Only because I've been around birddogs most of my life, did I notice a slightly different motion in Shine's gait.
She can run for hours, and leap six foot off the ground. Never gets up slowly, and is never stiff after exercise. She even has a nice straight sit, and pretty stand.
What I saw was just something ever so small, occasionally in her walk. It just wasn't a smooth fluid motion in either the hip, or possibly the knee. Sometimes the ground being uneven, could have made it look that way. When other people watched her movement, they thought I was just over scrutinizing the motion. That there's no way a dog with her athletic ability has HD.
So what do you do, when a dog shows no pain from HD. You can take extreme measures, but would that be the correct route? They are in no pain, and no Orthopedic vet can tell you if, or when it will ever cause them problems.

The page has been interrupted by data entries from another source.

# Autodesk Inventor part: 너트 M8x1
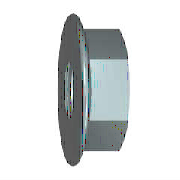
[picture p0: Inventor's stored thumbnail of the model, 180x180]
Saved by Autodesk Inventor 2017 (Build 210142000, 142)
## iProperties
Created: 2015-12
Part Number: 너트 M8x1
Material: 스테인리스강
Description: 플랜지붙이 6각 너트 - 일반 스레드
Document SubType Name: Modeling
Standard: ISO 4161
Designer: mdu
Standard Revision: 2판 1999-03-15
Standards Organization: ISO
Language: ko-KR
Size Designation: M8
Categories: <MemberInstance><Categories><Category DisplayName="조임쇠" InternalName="e4da775c-781d-43d5-af7c-5136215cf5a6" Mnemonic="FSTN"><Category DisplayName="너트" InternalN
Density: 8.08 g/cm^3
Mass: 9.03298 g
Surface Area: 8.90186 cm^2
Volume: 1.11794 cm^3
Appearance: 기본값
Author: mdu
IsCustomPart: 1
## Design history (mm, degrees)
sketch "스케치1"
  geometry: L1 (-1.844, 0)-(9.641, 0) reference; L2 (3.107, 6.5)-(2.288, 8.257); L3 (3.107, 6.5)-(8, 6.5); L4 (8, 6.5)-(8, 0); L5 (3.107, 6.5)-(3.107, 0); L6 (0, -1.835)-(0, 11.01) reference; A1 r 1.2 centre (1.2, 7.75) between (2.288, 8.257) and (0, 7.75); 1 further point
  constraints: 8 end point, 3 point on line, 2 perpendicular, 2 point on circle, 2 tangent, 1 centre point, 1 parallel
  dimensions: "d2" = 13 diameter of L3 L1 (= SW); "d4" = 17.9 dimension on A1 L1 (= LADI); "d5" = 1.2 radius of A1 (= PHH); "d15" = 8 distance between parallel lines of L4 L6 (= KOH); "d16" = 25 deg angle of L6 L2 (= KEWI)
revolve "링" sketch "스케치1" stored, may be unused: angle "d8" = 90 deg
sketch "스케치2"
  geometry: L1 (-6.5, -3.753)-(-6.5, 3.753); L2 (-6.5, 3.753)-(0, 7.506); L3 (0, 7.506)-(6.5, 3.753); L4 (6.5, 3.753)-(6.5, -3.753); L5 (6.5, -3.753)-(0, -7.506); L6 (0, -7.506)-(-6.5, -3.753); C1 r 4.9 at (0, 0); C2 r 7.75 at (0, 0) reference; 1 further point
  constraints: 12 end point, 1 centre point, 1 coincident, 1 vertical, 11 other
  dimensions: "d6" = 15.01111 distance of L5.end L2.end (= 1.1547 x SW)
extrude "본체" join sketch "스케치2" distance "d7" = 8 (= KOH); taper "d9" = 0 deg
sketch "스케치3"
  geometry: L1 (2.638, 7.506)-(8, 7.506) reference; L2 (8, 3.753)-(8, 7.506) reference; L3 (0, -7.75)-(0, 7.75) reference; L4 (-1.6, 0)-(9.6, 0) reference; L5 (7.419, 7.506)-(8, 6.5)
  constraints: 2 end point, 2 point on line
  dimensions: "d10" = 30 deg angle of L2 L5 (= ANG1); "d11" = 13 diameter of L5.end L4 (= SW0)
revolve "모따기1" sketch "스케치3" stored, may be unused: angle "d24" = 90 deg
sketch "스케치4"
  geometry: C1 r 7.75 at (0, 0) reference; 1 further point
  constraints: 1 coincident
hole "스레드" sketch "스케치4" at (0, 0) diameter "d25" = 6.647; stored, may be unused: countersink angle "d29" = 82 deg, drill point angle "d31" = 118 deg; dims "d26" = 6, "d27" = 4, "d28" = 2, "d30" = 8
workaxis "Work Axis1"
workplane "Work Plane1"
body "Solid1"
chamfer "모따기2" distance "d12" = 0.67658 (= -0.5 x GD1 + 0.5 x NND); stored, may be unused: angle "d13" = 30 deg, second distance "d46" = 0.67658 (= -0.5 x GD1 + 0.5 x NND)
chamfer "모따기3" distance "d51" = 0.67658 (= -0.5 x GD1 + 0.5 x NND); stored, may be unused: second distance "d52" = 2, angle "d53" = 45 deg
other parameters: "ANG1" = 30 deg [user parameter; used in 1 equation term], "KEWI" = 25 deg [user parameter; used in 1 equation term], "NND" = 8 [user parameter; used in 4 equation terms], "LADI" = 17.9 [user parameter; used in 2 equation terms], "SW" = 13 [user parameter; used in 3 equation terms], "PHH" = 1.2 [user parameter; used in 3 equation terms], "KOH" = 8 (= NND) [user parameter; used in 2 equation terms], "SW0" = 13 [user parameter; used in 1 equation term], "GD1" = 6.64684 (computed from THREADDIA, PTC, TOA) [user parameter; used in 3 equation terms], "d1" = 17.9 (= LADI), "d3" = 1.2 (= PHH), "d45" = 0, "d47" = 0, "d49" = 0, "d54" = 0, "GUL" = 0.67658 (= 0.541266 x PTC) [user parameter], "TPU" = 8 (computed from PTC) [user parameter], "RR" = 1.2 (= PHH) [user parameter], "THREADDIA" = 8 [user parameter; used in 1 equation term], "TOA" = 30 deg [user parameter; used in 1 equation term], "PTC" = 1.25 [user parameter; used in 4 equation terms], "GAL" = 0.67658 (= 0.541266 x PTC) [user parameter], "E0" = 15.015 (= 1.155 x SW) [user parameter]
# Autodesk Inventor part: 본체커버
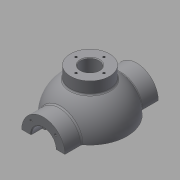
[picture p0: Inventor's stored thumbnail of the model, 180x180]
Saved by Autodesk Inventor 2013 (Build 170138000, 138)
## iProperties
Created: 2015-12
Part Number: 본체커버
Material: 일반
Document SubType Name: Modeling
Designer: mduedu
Density: 2.71 g/cm^3
Mass: 574.351 g
Surface Area: 450.515 cm^2
Volume: 211.938 cm^3
Author: mduedu
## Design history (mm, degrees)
sketch "스케치1"
  geometry: L1 (-53, 0)-(53, 0); A1 r 53 centre (0, 0) between (53, 0) and (-53, 0); 2 further points
  constraints: 2 coincident, 2 end point, 2 point on circle, 1 centre point, 1 horizontal, 1 midpoint
  dimensions: "d0" = 53 radius of A1
revolve "회전1" sketch "스케치1" stored, may be unused: angle "d2" = 90 deg
feature "쉘1" dims "d11" = 10
node "작업 평면1"
sketch "스케치2"
  geometry: C1 r 31 at (0, 0); 1 further point
  constraints: 1 centre point, 1 coincident
  dimensions: "d4" = 62 diameter of C1
extrude "돌출1" join sketch "스케치2" stored distance "d5" = 10; taper "d6" = 0 deg
hole "구멍1" diameter "d14" = 35; stored, may be unused: countersink angle "d18" = 90 deg, drill point angle "d20" = 0 deg; dims "d12" = 10, "d13" = 10, "d15" = 6, "d16" = 4, "d17" = 2, "d19" = 16
hole "구멍2" diameter "d23" = 27; stored, may be unused: countersink angle "d27" = 90 deg, drill point angle "d29" = 0 deg; dims "d21" = 10, "d22" = 10, "d24" = 6, "d25" = 4, "d26" = 2, "d28" = 16
fillet "모깎기1" dims "d30" = 0.3
chamfer "모따기1" distance "d40" = 1; stored, may be unused: second distance "d41" = 2, angle "d42" = 45 deg
sketch "스케치4"
  geometry: L1 (0, 0)-(0, -25); L2 (0, 0)-(-17.678, -17.678); A1 r 25 centre (0, 0) between (-17.678, -17.678) and (0, -25); 1 further point
  constraints: 4 end point, 2 point on circle, 1 centre point, 1 coincident, 1 vertical
  dimensions: "d43" = 50 diameter of A1; "d47" = 45 deg angle of L1 L2
hole "구멍4" sketch "스케치4" at (-17.678, -17.678) diameter "d49" = 3.242; stored, may be unused: countersink angle "d53" = 90 deg, drill point angle "d55" = 118 deg; dims "d50" = 11, "d51" = 4, "d52" = 2, "d54" = 13
node "작업 평면3"
sketch "스케치6"
  geometry: C1 r 65 at (0, 0); 1 further point
  constraints: 1 centre point, 1 coincident
  dimensions: "d78" = 130 diameter of C1
extrude "돌출3" join sketch "스케치6" distance "d80" = 10; taper "d81" = 0 deg
sketch "스케치7"
  geometry: C1 r 20 at (0, 0); 1 further point
  constraints: 1 centre point, 1 coincident
  dimensions: "d82" = 40 diameter of C1
extrude "돌출4" join sketch "스케치7" stored distance "d84" = 10; taper "d85" = 0 deg
sketch "스케치8"
  geometry: 2 further points
  constraints: 1 coincident
hole "구멍6" sketch "스케치8" at (0, 0) diameter "d86" = 20; stored, may be unused: countersink angle "d90" = 90 deg, drill point angle "d92" = 118 deg; dims "d87" = 7, "d88" = 40, "d89" = 5, "d91" = 10
fillet "모깎기2" dims "d93" = 0.3
sketch "스케치9"
  geometry: L1 (65, -75)-(-65, -75) reference; L2 (-45, -75)-(-38.245, -36.692); A1 r 53 centre (0, 0) between (42.988, 31) and (42.988, -31) reference; 1 further point
  constraints: 2 end point, 1 point on circle, 1 point on line
  dimensions: "d94" = 45 horizontal distance of L2.start point (0, 0); "d95" = 80 deg angle of L2 L1
feature "리브1" sketch "스케치9" dims "d96" = 1, "d97" = 8, "d98" = 0, "d99" = 0, "d100" = 1, "d101" = 1
sketch "스케치10"
  geometry: L1 (0, 0)-(0, -55); L2 (0, 0)-(-38.891, -38.891); A1 r 55 centre (0, 0) between (0, -55) and (-38.891, -38.891); 2 further points
  constraints: 4 end point, 2 coincident, 2 point on circle, 1 centre point, 1 vertical
  dimensions: "d105" = 110 diameter of A1; "d107" = 45 deg angle of L1 L2
hole "구멍7" sketch "스케치10" at (-38.891, -38.891) diameter "d109" = 10; stored, may be unused: countersink angle "d113" = 90 deg, drill point angle "d115" = 118 deg; dims "d110" = 7, "d111" = 40, "d112" = 5, "d114" = 10
fillet "모깎기3" dims "d120" = 3
fillet "모깎기4" dims "d121" = 3, "d122" = 3
fillet "모깎기5" dims "d123" = 3
fillet "모깎기6" dims "d124" = 3
sketch "스케치11"
  geometry: C1 r 5 at (-38.891, 38.891) reference; C2 r 5 at (38.891, 38.891) reference; C3 r 5 at (38.891, -38.891) reference; C4 r 5 at (-38.891, -38.891) reference; C5 r 20 at (0, 0) reference; C6 r 65 at (0, 0) reference; 1 further point
  constraints: 3 other
feature "엠보싱1" sketch "스케치11" dims "d125" = 0.5, "d126" = 0
sketch "스케치12"
  geometry: L1 (0, 100)-(0, -100); L2 (0, 100)-(-150, 100); L3 (-150, 100)-(-150, -100); L4 (-150, -100)-(0, -100); 2 further points
  constraints: 8 end point, 3 perpendicular, 1 coincident, 1 midpoint, 1 vertical
  dimensions: "d127" = 200 distance of L2.end L3.end; "d129" = 150 distance of L3.end L1.end
extrude "돌출5" cut sketch "스케치12" stored distance "d130" = 10; taper "d131" = 0 deg
node "작업 평면4"
sketch "스케치16"
  geometry: C1 r 28 at (0, 0); 1 further point
  constraints: 1 centre point, 1 coincident
  dimensions: "d148" = 56 diameter of C1
extrude "돌출9" join sketch "스케치16" stored distance "d150" = 5; taper "d151" = 0 deg
hole "구멍8" diameter "d154" = 26; stored, may be unused: countersink angle "d158" = 90 deg, drill point angle "d160" = 118 deg; dims "d152" = 10, "d153" = 10, "d155" = 6, "d156" = 4, "d157" = 2, "d159" = 8
sketch "스케치17" dims "d161" = 40
  geometry: 3 further points
  constraints: 2 vertical alignment, 1 coincident, 2 other
hole "구멍9" sketch "스케치17" at (0, 20) diameter "d163" = 3.242; stored, may be unused: countersink angle "d167" = 90 deg, drill point angle "d169" = 118 deg; dims "d164" = 8, "d165" = 4, "d166" = 2, "d168" = 10
fillet "모깎기11" dims "d173" = 3
chamfer "모따기2" distance "d174" = 1; stored, may be unused: second distance "d175" = 2, angle "d176" = 45 deg
node "솔리드1"
mirror "대칭1"
mirror "대칭2"
pattern_circular "원형 패턴1" dims angle "d57" = 360 deg
mirror "대칭3"
pattern_circular "원형 패턴3" dims angle "d103" = 360 deg
pattern_circular "원형 패턴4" dims "d40" = 1, angle "d118" = 360 deg
pattern_circular "원형 패턴5" dims angle "d171" = 360 deg
node "투영된 루프1"
other parameters: "d3" = 67, "d77" = -85, "d147" = 62

They could start to show signs in 6 months, next year, or many years down the road.
They will explain all the risks involved in the different types of surgeries, and there is risks involved. What you can do, if you want to take the conservative approach.
Then you have to decide if you are willing to put your dog through that, along with months of rehab therapy.
What was recommended for Shine, and I totally agree. Is we take the conservative approach. Only if something changes, will she have surgery. The reason for her HD, the femur ball sits shallow in the hip socket, and laxity. The laxity is likely caused due to the shallow hip sockets.
I don't have slick floors, but if I did, it would have made it worse. I don't run dogs on hard surfaces. I don't have young dog jump in, and out of cars. We do everything possible to protect the joints, of young growing puppies.

Shine's hip dysplasia is rated as moderate, by the orthopedic foundation for animals
We are working with Texas A&M veterinary college, sports medicine and therapy program. I have to keep her weight down, she still gets to run the fields, and hunt. She does daily therapy at home. Its core building, and balance exercises, along with some stretches to keep range of motion. She is on supplements, but does not need any pain meds at this point.
She will keep being evaluated by A&M.
She may, or may not need therapy there at some point. Her hips will be rexrayed, so they can keep track of arthritis.
We will only consider total hip replacement, if sports therapy is not enough to keep her from being in pain.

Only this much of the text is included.